Interestingly, naturally occurring IFNγ-producing Th1 cells are almost exclusively CXCR3 positive [25]. In addition, in vitro Th1-polarized T cells highly upregulate CXCR3 [26] and enhanced fibrosis in CXCR3-/- mice was associated with reduced IFN-γ expression and a reduction of IFN-γ–positive intrahepatic T cells [27]. Hence, the tight correlation between CXCR3 expression and Th1 differentiation led us to hypothesize that CXCR3-mediated IFN-γ+ γδ T cells recruited to the injured liver; subsequently, our results demonstrated that CXCR3 and its ligands regulate the migration of IFN-γ+ γδ T cells. These data suggested that CXCR3 contributed to an increased number of IFN-γ+ γδ T cells that were observed during liver fibrosis.

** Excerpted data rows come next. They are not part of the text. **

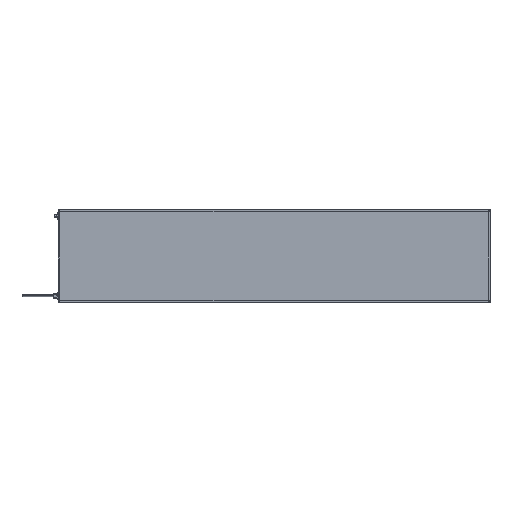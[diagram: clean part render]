
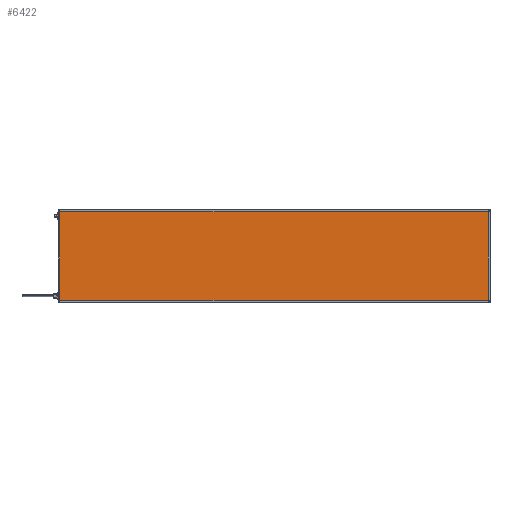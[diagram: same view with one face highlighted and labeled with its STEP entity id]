
A CAD part, top view. The second image highlights one B-rep face of the part: STEP entity #6422.
In plain terms, the highlighted planar face has unit normal (0, 0, 1).
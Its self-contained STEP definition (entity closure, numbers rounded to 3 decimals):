
#971 = VECTOR ( 'NONE', #5203, 1000. ) ;
#1229 = DIRECTION ( 'NONE',  ( 0., 0., -1. ) ) ;
#1323 = PLANE ( 'NONE',  #1545 ) ;
#1545 = AXIS2_PLACEMENT_3D ( 'NONE', #17919, #1229, #16366 ) ;
#2290 = VERTEX_POINT ( 'NONE', #9050 ) ;
#2844 = CARTESIAN_POINT ( 'NONE',  ( 1896., 396., 41.85 ) ) ;
#3051 = VERTEX_POINT ( 'NONE', #7631 ) ;
#3090 = VECTOR ( 'NONE', #11548, 1000. ) ;
#3562 = LINE ( 'NONE', #16319, #971 ) ;
#3664 = EDGE_CURVE ( 'NONE', #2290, #7570, #7056, .T. ) ;
#5203 = DIRECTION ( 'NONE',  ( 0., -1., 0. ) ) ;
#6422 = ADVANCED_FACE ( 'NONE', ( #10734 ), #1323, .F. ) ;
#7056 = LINE ( 'NONE', #12619, #9073 ) ;
#7539 = CARTESIAN_POINT ( 'NONE',  ( 1896., 4., 41.85 ) ) ;
#7570 = VERTEX_POINT ( 'NONE', #7539 ) ;
#7631 = CARTESIAN_POINT ( 'NONE',  ( 4., 396., 41.85 ) ) ;
#8511 = DIRECTION ( 'NONE',  ( 1., 0., 0. ) ) ;
#9050 = CARTESIAN_POINT ( 'NONE',  ( 4., 4., 41.85 ) ) ;
#9073 = VECTOR ( 'NONE', #8511, 1000. ) ;
#9230 = EDGE_CURVE ( 'NONE', #3051, #2290, #3562, .T. ) ;
#9813 = VECTOR ( 'NONE', #14723, 1000. ) ;
#10452 = CARTESIAN_POINT ( 'NONE',  ( 1896., 0., 41.85 ) ) ;
#10560 = ORIENTED_EDGE ( 'NONE', *, *, #13052, .T. ) ;
#10734 = FACE_OUTER_BOUND ( 'NONE', #14035, .T. ) ;
#11548 = DIRECTION ( 'NONE',  ( -1., 0., 0. ) ) ;
#12352 = ORIENTED_EDGE ( 'NONE', *, *, #9230, .T. ) ;
#12619 = CARTESIAN_POINT ( 'NONE',  ( 0., 4., 41.85 ) ) ;
#12886 = ORIENTED_EDGE ( 'NONE', *, *, #3664, .T. ) ;
#12913 = CARTESIAN_POINT ( 'NONE',  ( 0., 396., 41.85 ) ) ;
#13052 = EDGE_CURVE ( 'NONE', #16621, #3051, #15639, .T. ) ;
#13372 = ORIENTED_EDGE ( 'NONE', *, *, #16027, .T. ) ;
#14035 = EDGE_LOOP ( 'NONE', ( #13372, #10560, #12352, #12886 ) ) ;
#14723 = DIRECTION ( 'NONE',  ( 0., 1., 0. ) ) ;
#15639 = LINE ( 'NONE', #12913, #3090 ) ;
#16027 = EDGE_CURVE ( 'NONE', #7570, #16621, #17366, .T. ) ;
#16319 = CARTESIAN_POINT ( 'NONE',  ( 4., 0., 41.85 ) ) ;
#16366 = DIRECTION ( 'NONE',  ( -1., 0., 0. ) ) ;
#16621 = VERTEX_POINT ( 'NONE', #2844 ) ;
#17366 = LINE ( 'NONE', #10452, #9813 ) ;
#17919 = CARTESIAN_POINT ( 'NONE',  ( 0., 0., 41.85 ) ) ;

mTOR endows T cells with the ability to properly sense and integrate diverse environmental signals including nutrients and growth factors [28], and was reported to play a pivotal role in diverse immune cells [29,30,31]. Our previous study found that mTORC1 and mTORC2 have divergent roles in γδ T cell differentiation and mediating the activity of γδ T cells in tumors and autoimmunity [11]. Moreover, a function of mTORC2 in the regulation of migration has been described [32, 33]. To investigate how the mTORC2 signaling in γδ T cells was activated in the fibrotic liver, we focused on IL-1β. One study suggested that IL-1β is a pleiotropic cytokine that induces mTOR-signaling activation in dermal γδ T cells [20]. However, the role of IL-1β in γδ T cells migration remained unclear. In the current study, we demonstrated that IL-1β promoted mTORC2 activation and mobility activity of γδ T cells. Furthermore, we found that the hepatic macrophages were the main source of IL-1β, which is the driving force of mTORC2 activation and migration of γδ T cells into the fibrotic liver. Future detailed cellular and molecular mechanism studies are needed.

Taken together, our study revealed that mTORC2 activation of γδ T cells is dependent on IL-1β producing hepatic infiltrated macrophages, which are important for the migration of IFN-γ+ γδ T cells to the fibrotic liver in a CXCR3 dependent manner (Fig. 7). Moreover, we recently reported that transferring allogeneic Vγ9Vδ2 T cells derived from healthy donors into late-stage cancer patients [34], unequivocally validated the clinical safety, and prolong survival in terminal cancer patients. Our work, therefore, highlights the potential therapeutic value of in vitro expanded Vγ9Vδ2 T cells for human liver fibrosis even cirrhosis.